** Directions for this task **
Report how many lines in the records below hold the word "picture". Add nothing to the number.

** Information supplied **

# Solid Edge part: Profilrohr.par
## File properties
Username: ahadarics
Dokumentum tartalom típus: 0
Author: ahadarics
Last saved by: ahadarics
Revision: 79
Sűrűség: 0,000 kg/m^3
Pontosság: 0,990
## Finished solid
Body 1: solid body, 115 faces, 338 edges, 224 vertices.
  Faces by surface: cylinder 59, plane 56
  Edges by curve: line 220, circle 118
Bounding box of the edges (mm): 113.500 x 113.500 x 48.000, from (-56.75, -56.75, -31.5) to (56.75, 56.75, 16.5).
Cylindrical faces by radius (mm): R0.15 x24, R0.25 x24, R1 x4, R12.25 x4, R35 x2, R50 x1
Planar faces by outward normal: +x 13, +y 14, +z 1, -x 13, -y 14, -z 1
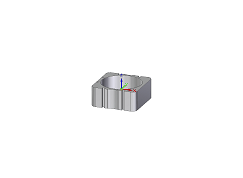
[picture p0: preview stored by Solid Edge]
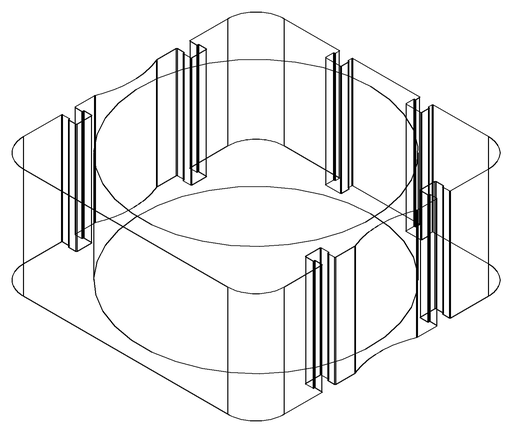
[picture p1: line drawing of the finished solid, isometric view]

** Answer box **
2